"Achievement Motivation" Reconsidered: Part II
Gratification -- Now or Later?
By Dr. Jacob Mermelstein
BECAUSE THE VALUE OF SCHOOL TASKS IS NOT immediate, it is
essential that children develop an ability -- indeed, an understanding
-- of postponing gratification. This is a fundamental coping mechanism
whose failing to master will, inevitably, impact the child negatively
throughout adolescence.
While there is no doubt that this goal is quite a difficult task for
young children because of the intensity of their instinctual drives and
because their concept of the past and the future is not fully developed,
postponement of immediate gratification can be developed. Children who
basically trust their parents will have trust in the future because
their parents say so even if the concept "future" is quite hazy. Trust
in one's parent is the outcome of a warm parent-child relationship,
when promises are scrupulously kept and when parents offer rewards
with their demands. Such rewards need not, of course, be material
ones. A sense of well-being, warmth, physical and emotional contact, a
smile or look, more than suffice. Needless to say, such training should
be gradual, with ever increasing periods of time between need and
gratification. Of course, a warm parent-child relationship is in itself
gratifying and can "take over" when the real gratification is in the
distant future.
The Parent as Model
When the child becomes his parent in role-playing episodes, he more than
imitates; he identifies with him and in a sense becomes the parent
himself. This can be observed when the child takes over many of the
parent's mannerisms, modes of speech or posture. It inevitably involves
the parent's code of behavior, his goals and aspirations, and sense of
values. Not only does "the apple not fall far from the tree," the apple
contains the seed which grows into the very same kind of tree.

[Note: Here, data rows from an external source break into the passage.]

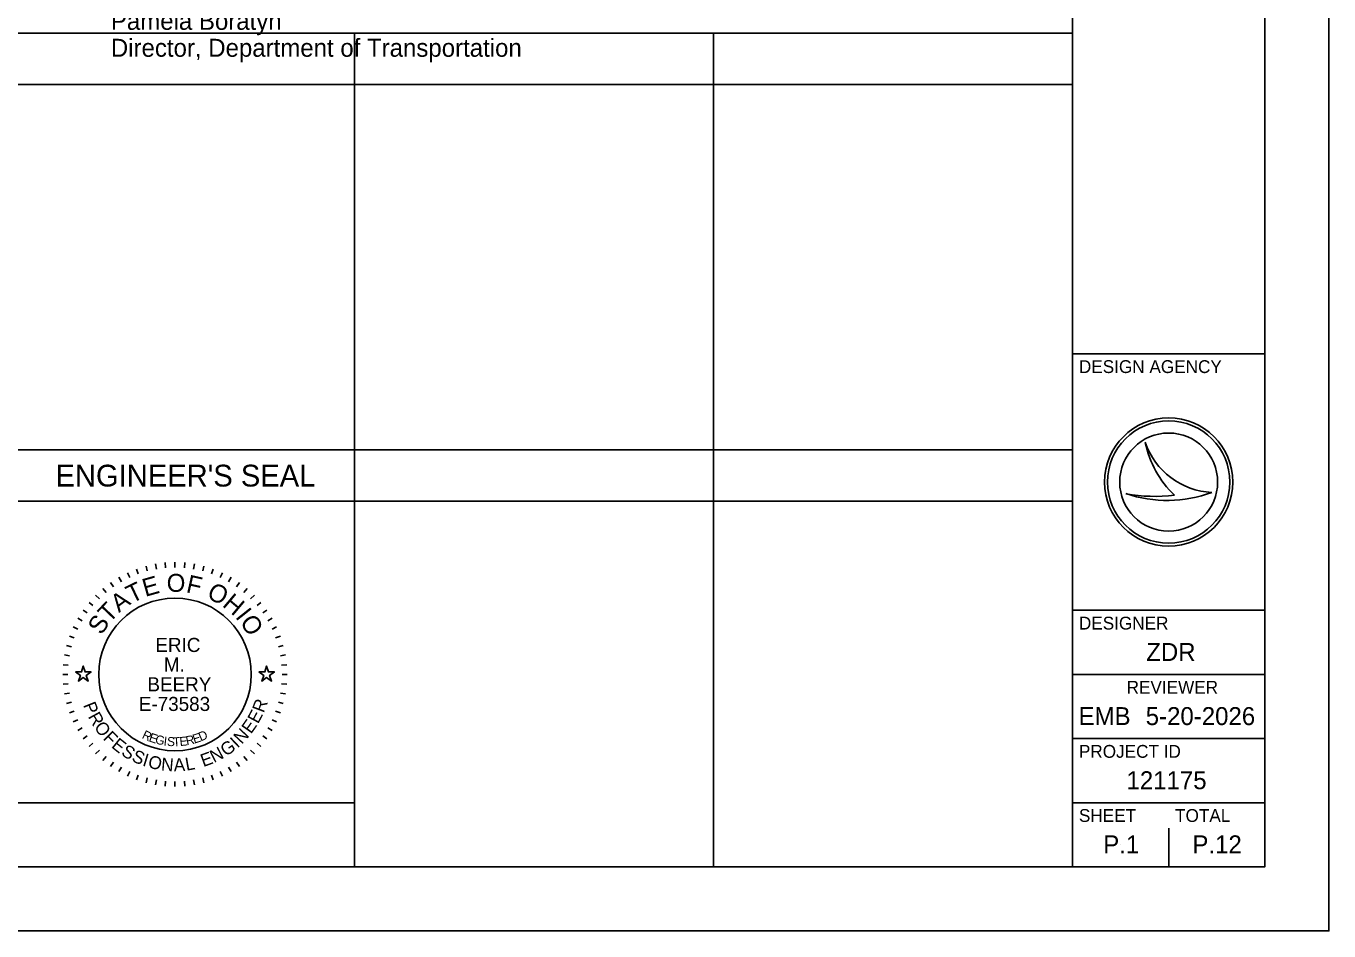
# Model space of a CAD drawing. Extents: x -6.6 to 34, y 0 to 22.
# Drawn here: x 23.84 to 34, y 0 to 7.06 of the extents above; entities that cross this region are included whole.
import ezdxf

# ---------------------------------------------------------------- set-up
doc = ezdxf.new("R2010")
doc.units = 0
for name, color, linetype in [('SH_Border', 7, 'Continuous'), ('SH_Cut_Line', 7, 'Continuous'), ('SH_Data', 7, 'Continuous'), ('SH_Seal', 7, 'Continuous'), ('SH_Text', 7, 'Continuous')]:
    doc.layers.add(name, color=color, linetype=linetype)

msp = doc.modelspace()

# ---------------------------------------------------------------- linework, layer by layer
at = {"layer": 'SH_Border'}
for p, q in [((32, 0.5), (32, 21.5)), ((32, 4.5), (33.5, 4.5)), ((32, 2.5), (33.5, 2.5)), ((32, 2), (33.5, 2)), ((32, 1.5), (33.5, 1.5)), ((32, 1), (33.5, 1))]:
    msp.add_line(p, q, dxfattribs=at)
msp.add_lwpolyline([(1.5, 21.5), (33.5, 21.5), (33.5, 0.5), (1.5, 0.5)], close=True, dxfattribs=at)
at = {"layer": 'SH_Cut_Line'}
msp.add_lwpolyline([(0, 0), (34, 0), (34, 22), (0, 22)], close=True, dxfattribs=at)
at = {"layer": 'SH_Data'}
for p, q in [((23.6, 6.6), (26.4, 6.6)), ((26.4, 6.6), (29.2, 6.6)), ((29.2, 6.6), (32, 6.6)), ((32.567, 3.81), (32.567, 3.81)), ((23.6, 3.75), (26.4, 3.75)), ((26.4, 3.75), (26.4, 0.5)), ((32.75, 3.5), (32.75, 3.5)), ((32.417, 3.41), (32.417, 3.41)), ((33.087, 3.419), (33.087, 3.419)), ((23.6, 3.35), (26.4, 3.35)), ((23.6, 3.35), (26.4, 3.35)), ((26.4, 3.35), (29.2, 3.35)), ((29.2, 3.35), (32, 3.35)), ((32.75, 0.5), (32.75, 0.8)), ((32.375, 0.675), (32.375, 0.675)), ((23.6, 0.5), (26.4, 0.5))]:
    msp.add_line(p, q, dxfattribs=at)
for points in [[(26.4, 7), (23.6, 7), (23.6, 3.75), (26.4, 3.75)], [(29.2, 7), (26.4, 7), (26.4, 3.75), (29.2, 3.75)], [(32, 7), (29.2, 7), (29.2, 3.75), (32, 3.75)], [(26.4, 3.75), (23.6, 3.75), (23.6, 0.5), (26.4, 0.5)], [(29.2, 3.75), (26.4, 3.75), (26.4, 0.5), (29.2, 0.5)], [(32, 3.75), (29.2, 3.75), (29.2, 0.5), (32, 0.5)], [(23.6, 0.5), (23.6, 1), (26.4, 1), (26.4, 0.5)]]:
    msp.add_lwpolyline(points, close=True, dxfattribs=at)
for radius in [0.5, 0.477, 0.477, 0.382]:
    msp.add_circle((32.75, 3.5), radius, dxfattribs=at)
for centre, radius, start, end in [((33.116, 3.998), 0.58, 198.9257, 198.9319), ((33.347, 3.97), 0.796, 191.6379, 191.6421), ((33.116, 3.998), 0.58, 198.9319, 267.1657), ((33.347, 3.97), 0.796, 191.6421, 226.0947), ((32.739, 4.37), 1.013, 251.4576, 290.0832), ((32.648, 4.654), 1.266, 259.4964, 259.4995), ((32.739, 4.37), 1.013, 251.4527, 251.4576), ((32.648, 4.654), 1.266, 259.4995, 276.6672)]:
    msp.add_arc(centre, radius, start, end, dxfattribs=at)
at = {"layer": 'SH_Seal'}
for p, q in [((24.848, 2.862), (24.855, 2.822)), ((24.924, 2.872), (24.927, 2.832)), ((25, 2.875), (25, 2.835)), ((25.076, 2.872), (25.073, 2.832)), ((25.152, 2.862), (25.145, 2.822)), ((24.563, 2.758), (24.583, 2.723)), ((24.63, 2.793), (24.647, 2.757)), ((24.701, 2.822), (24.714, 2.785)), ((24.774, 2.845), (24.784, 2.807)), ((25.226, 2.845), (25.216, 2.807)), ((25.299, 2.822), (25.286, 2.785)), ((25.37, 2.793), (25.353, 2.757)), ((25.437, 2.758), (25.417, 2.723)), ((24.438, 2.67), (24.463, 2.64)), ((24.498, 2.717), (24.521, 2.684)), ((25.502, 2.717), (25.479, 2.684)), ((25.562, 2.67), (25.537, 2.64)), ((24.33, 2.562), (24.36, 2.537)), ((24.381, 2.619), (24.41, 2.59)), ((25.619, 2.619), (25.59, 2.59)), ((25.67, 2.562), (25.64, 2.537)), ((24.283, 2.502), (24.316, 2.479)), ((25.717, 2.502), (25.684, 2.479)), ((24.207, 2.37), (24.243, 2.353)), ((24.242, 2.438), (24.277, 2.418)), ((25.758, 2.438), (25.723, 2.418)), ((25.793, 2.37), (25.757, 2.353)), ((24.178, 2.299), (24.215, 2.286)), ((25.822, 2.299), (25.785, 2.286)), ((24.138, 2.152), (24.178, 2.145)), ((24.155, 2.226), (24.193, 2.216)), ((25.845, 2.226), (25.807, 2.216)), ((25.862, 2.152), (25.822, 2.145)), ((24.128, 2.076), (24.168, 2.073)), ((25.872, 2.076), (25.832, 2.073)), ((24.125, 2), (24.165, 2)), ((25.875, 2), (25.835, 2)), ((24.128, 1.924), (24.168, 1.927)), ((24.138, 1.848), (24.178, 1.855)), ((25.862, 1.848), (25.822, 1.855)), ((25.872, 1.924), (25.832, 1.927)), ((24.155, 1.774), (24.193, 1.784)), ((25.845, 1.774), (25.807, 1.784)), ((24.178, 1.701), (24.215, 1.714)), ((24.207, 1.63), (24.243, 1.647)), ((25.793, 1.63), (25.757, 1.647)), ((25.822, 1.701), (25.785, 1.714)), ((24.242, 1.563), (24.277, 1.583)), ((25.758, 1.563), (25.723, 1.583)), ((24.283, 1.498), (24.316, 1.521)), ((24.33, 1.438), (24.36, 1.463)), ((25.67, 1.438), (25.64, 1.463)), ((25.717, 1.498), (25.684, 1.521)), ((24.381, 1.381), (24.41, 1.41)), ((24.438, 1.33), (24.463, 1.36)), ((25.562, 1.33), (25.537, 1.36)), ((25.619, 1.381), (25.59, 1.41)), ((24.498, 1.283), (24.521, 1.316)), ((24.563, 1.242), (24.583, 1.277)), ((24.63, 1.207), (24.647, 1.243)), ((25.37, 1.207), (25.353, 1.243)), ((25.437, 1.242), (25.417, 1.277)), ((25.502, 1.283), (25.479, 1.316)), ((24.701, 1.178), (24.714, 1.215)), ((24.774, 1.155), (24.784, 1.193)), ((24.848, 1.138), (24.855, 1.178)), ((24.924, 1.128), (24.927, 1.168)), ((25, 1.125), (25, 1.165)), ((25.076, 1.128), (25.073, 1.168)), ((25.152, 1.138), (25.145, 1.178)), ((25.226, 1.155), (25.216, 1.193)), ((25.299, 1.178), (25.286, 1.215))]:
    msp.add_line(p, q, dxfattribs=at)
for points in [[(24.224, 2.02), (24.271, 2.02), (24.285, 2.065), (24.299, 2.02), (24.346, 2.02), (24.308, 1.992), (24.323, 1.948), (24.285, 1.975), (24.247, 1.948), (24.262, 1.992)], [(25.654, 2.02), (25.701, 2.02), (25.715, 2.065), (25.729, 2.02), (25.776, 2.02), (25.738, 1.992), (25.753, 1.948), (25.715, 1.975), (25.677, 1.948), (25.692, 1.992)]]:
    msp.add_lwpolyline(points, close=True, dxfattribs=at)
msp.add_circle((25, 2), 0.595, dxfattribs=at)

# ---------------------------------------------------------------- texts
at = {"layer": 'SH_Data'}
for s, height, p in [('DESIGN AGENCY', 0.1, (32.05, 4.35)), ("ENGINEER'S SEAL", 0.17, (24.068, 3.465)), ('DESIGNER', 0.1, (32.05, 2.35)), ('ZDR', 0.14, (32.575, 2.105)), ('REVIEWER', 0.1, (32.422, 1.85)), ('EMB', 0.14, (32.047, 1.605)), ('5-20-2026', 0.14, (32.571, 1.605)), ('PROJECT ID', 0.1, (32.05, 1.35)), ('121175', 0.14, (32.421, 1.105)), ('SHEET', 0.1, (32.05, 0.85)), ('TOTAL', 0.1, (32.8, 0.85)), ('P.1', 0.14, (32.24, 0.605)), ('P.12', 0.14, (32.935, 0.605))]:
    msp.add_text(s, height=height, dxfattribs=at).set_placement(p)
at = {"layer": 'SH_Seal'}
for s, height, rotation, p in [('E', 0.14, 15.7571, (24.768, 2.604)), ('O', 0.14, 359.7812, (24.935, 2.644)), ('F', 0.14, 347.4362, (25.081, 2.642)), ('T', 0.14, 25.7167, (24.662, 2.552)), ('O', 0.14, 332.2586, (25.24, 2.602)), ('T', 0.14, 46.4344, (24.488, 2.396)), ('A', 0.14, 36.4747, (24.563, 2.478)), ('H', 0.14, 319.9136, (25.363, 2.536)), ('S', 0.14, 57.1924, (24.428, 2.301)), ('I', 0.14, 308.367, (25.466, 2.448)), ('O', 0.14, 303.1491, (25.502, 2.409)), ('P', 0.1, 291.494, (24.282, 1.762)), ('E', 0.1, 61.9951, (25.648, 1.61)), ('R', 0.1, 69.2322, (25.692, 1.695)), ('R', 0.1, 298.7311, (24.319, 1.672)), ('O', 0.1, 306.4666, (24.365, 1.588)), ('E', 0.1, 54.758, (25.593, 1.531)), ('F', 0.1, 314.7068, (24.434, 1.498)), ('R', 0.07, 334.487, (24.737, 1.505)), ('E', 0.07, 341.04, (24.791, 1.48)), ('G', 0.07, 347.4752, (24.841, 1.462)), ('R', 0.07, 11.9184, (25.092, 1.447)), ('E', 0.07, 17.6836, (25.15, 1.46)), ('D', 0.07, 23.3052, (25.201, 1.477)), ('N', 0.1, 47.0224, (25.52, 1.451)), ('E', 0.1, 321.4393, (24.498, 1.435)), ('S', 0.1, 328.6764, (24.574, 1.375)), ('I', 0.07, 353.7858, (24.909, 1.447)), ('S', 0.07, 356.8926, (24.936, 1.443)), ('T', 0.07, 3.0061, (24.986, 1.439)), ('E', 0.07, 6.0117, (25.039, 1.441)), ('N', 0.1, 27.3113, (25.304, 1.308)), ('G', 0.1, 35.0469, (25.398, 1.357)), ('I', 0.1, 43.287, (25.487, 1.421)), ('S', 0.1, 335.9134, (24.656, 1.327)), ('I', 0.1, 343.1505, (24.741, 1.29)), ('O', 0.1, 346.8859, (24.784, 1.275)), ('N', 0.1, 355.1261, (24.889, 1.252)), ('A', 0.1, 2.8617, (24.992, 1.244)), ('L', 0.1, 10.0987, (25.089, 1.249)), ('E', 0.1, 20.0742, (25.221, 1.277))]:
    msp.add_text(s, height=height, rotation=rotation, dxfattribs=at).set_placement(p)
for s, p in [('ERIC', (24.847, 2.175)), ('M.', (24.913, 2.022)), ('BEERY', (24.785, 1.868)), ('E-73583', (24.718, 1.715))]:
    msp.add_text(s, height=0.11, dxfattribs=at).set_placement(p)
at = {"layer": 'SH_Text'}
for s, p in [('Pamela Boratyn', (24.5, 7.026)), ('Director, Department of Transportation', (24.5, 6.816))]:
    msp.add_text(s, height=0.14, dxfattribs=at).set_placement(p)

doc.saveas('drawing.dxf')

This kind of mechanism accounts for the known fact that children do not
grow up as their parents want them to be. They rather resemble --
or are what the parents themselves are. Like it or not, our children
often mirror our actions as we are, not as we choose to view ourselves.
It is, thus, of no need to mention that parents should be adequate
models for their children. It is, however, a sad fact that invariably
parents demand more of their children than of themselves as far as
achievement is concerned. As a member of a business organization, the
parent may be satisfied with not being in the highest echelon -- but
the child must have A's and outrank his fellows. Adults know of their
inefficiency and frequent mediocrity of performance, but as for the
child -- he must do his best.
In addition, there are many inconsistencies such as parents professing
love for learning yet hardly opening a book themselves. It is no wonder
then that children are bewildered. They feel that parents are unjust in
demanding more of the child than of themselves -- and in addition lose
respect because of the transparent hypocrisy.
Consequently, the
identification process becomes filled with anxiety and doubt. The young
child who was so very anxious to be like Daddy is no longer so very
sure. There will thus be less imitative play and less acceptance of the
parent as a model.
Of course, parents could be "perfect." But if they are not, they can
at least have goals for their child not out of proportion with their own
goals. Parents can be more consistent themselves and if they cannot be
so, it may be better for them to stop their preaching.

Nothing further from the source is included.